Sensitivity analysis
For the input variable xi, the computed Cd values at maximum and minimum are denoted as fmax (xi) and fmin(xi), respectively, while other input variables remain constant at their average values. Figure 8 presents the SA results of Cd to internal angle (θ), cycle number (N), and water depth contraction ratio (H/G). As shown in Figure 8, the water depth contraction ratio is the predominant parameter, with an SA index of approximately 63.42%, followed by 31.96% for the internal head angle and 4.62% for the cycle number, indicating that the cycle number parameter has an insignificant effect on Cd values.

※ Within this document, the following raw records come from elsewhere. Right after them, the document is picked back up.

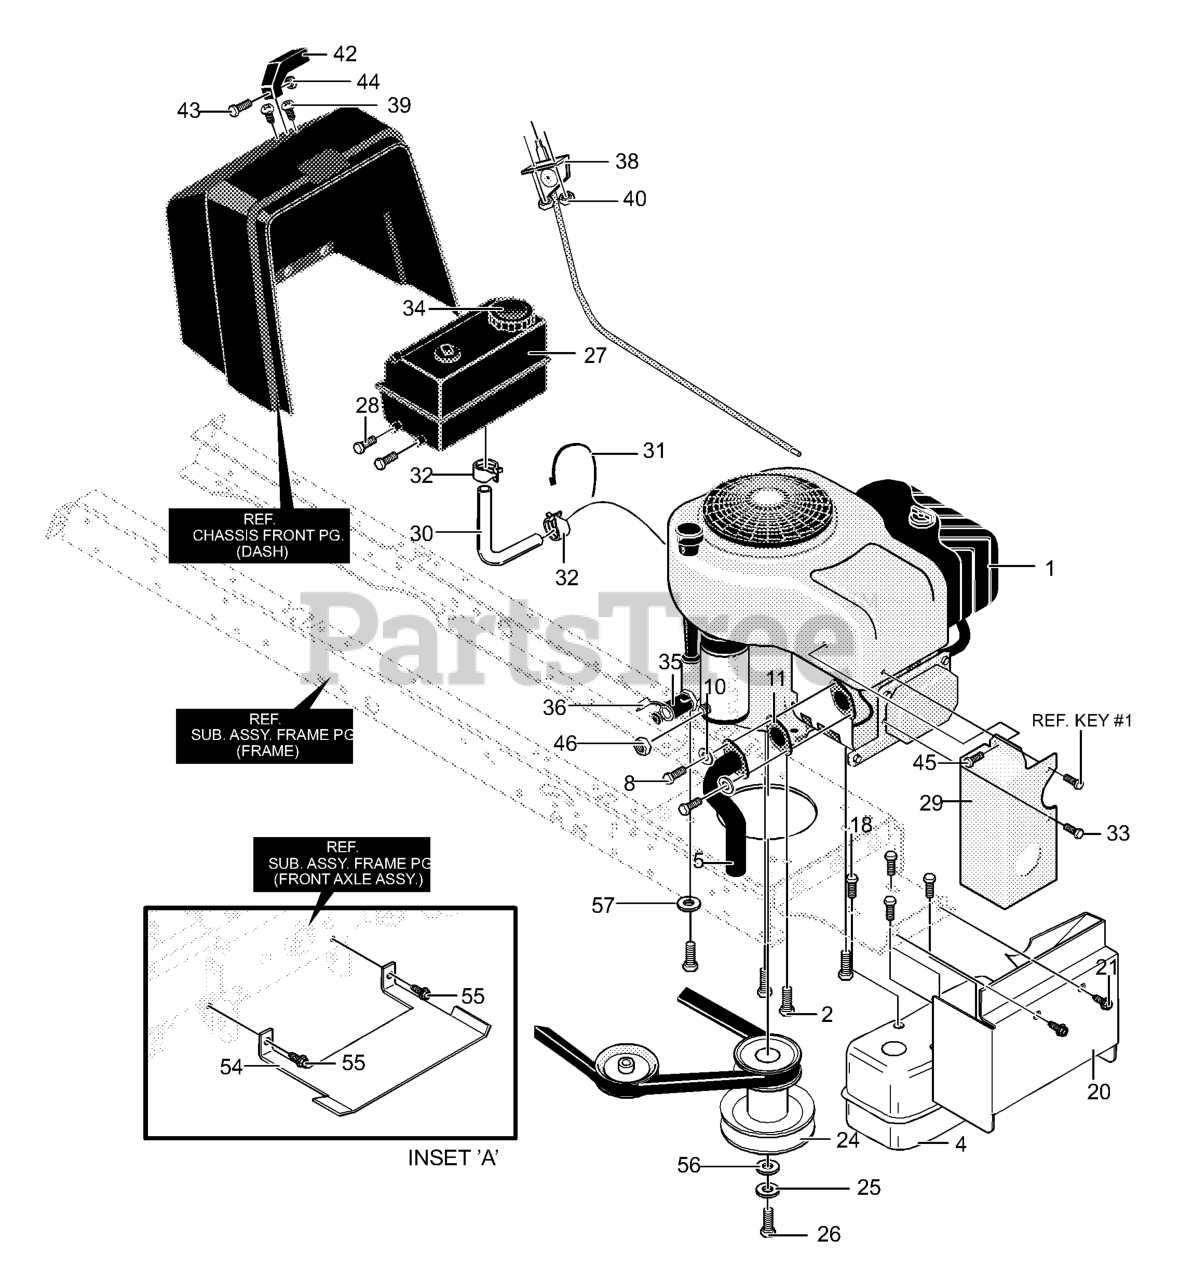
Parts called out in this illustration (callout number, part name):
1	15.5HP Engine
2	Engine Bolt
4	Muffler, Single Cylinder
5	Exhaust Tube
8	Screw, 5/16-18 x 0.75
10	Washer, Hvsptlk
11	GASKET, Exhaust
18	Screw, 1/4-20x.63
20	Heat Shield Lower Front
21	Screw, 5/16-18 x 0.75
24	Stack Pulley
25	Washer, Regsptlk
26	Screw, 7/16-20
27	Tank, Fuel 1.5 Gal.
28	Screw, 15tpx
29	Heat Shield, Side
30	Gas line 12 Inches
31	Cable Tie
32	Clamp, Fuel Clamp
33	Screw, 1/4-20x.50
34	Gas Cap
35	Oil Drain Valve Assembly
36	Cap, Oil Drain Valve
38	Throttle Control
39	Screw, 10-24x.63
40	Nut, #10-24
42	Knob, Throttle Control
43	Screw, #8-32
44	Nut, #8-32
45	Screw, 10-16x.50 Drill
46	Nut, 1/4-20
54	Shield, Anti-Dehydration
55	Screw, 5/16-18 x 0.75
56	Flatwasher, .480x1.00
57	Washer, Exlk

Comparison with previous study
CONCLUSIONS
This study successfully applied regression and ML techniques to predict the discharge coefficient (Cd) of labyrinth sluice gates. The results demonstrate the superiority of ML models, particularly GEP, in accurately forecasting Cd based on fundamental gate properties.
An SA revealed that the water depth contraction ratio (H/G) is the most influential variable, accounting for 63% of the total variation in Cd. The internal head angle (θ) contributes 32%, while the cycle number (N) has a relatively minor impact of 5%. These findings provide valuable insights for the design and operation of labyrinth sluice gates, enabling hydraulic engineers to accurately estimate Cd and optimize gate performance.
While the GEP model offers exceptional accuracy, expanding the training dataset with a wider range of experimental conditions would further enhance its versatility and applicability. This study contributes to the advancement of water resource management and flood control by providing a reliable and efficient tool for predicting the discharge characteristics of labyrinth sluice gates.
FUNDING
There is no fund in this manuscript.
DATA AVAILABILITY STATEMENT
Data cannot be made publicly available; readers should contact the corresponding author for details.
CONFLICT OF INTEREST
The authors declare there is no conflict.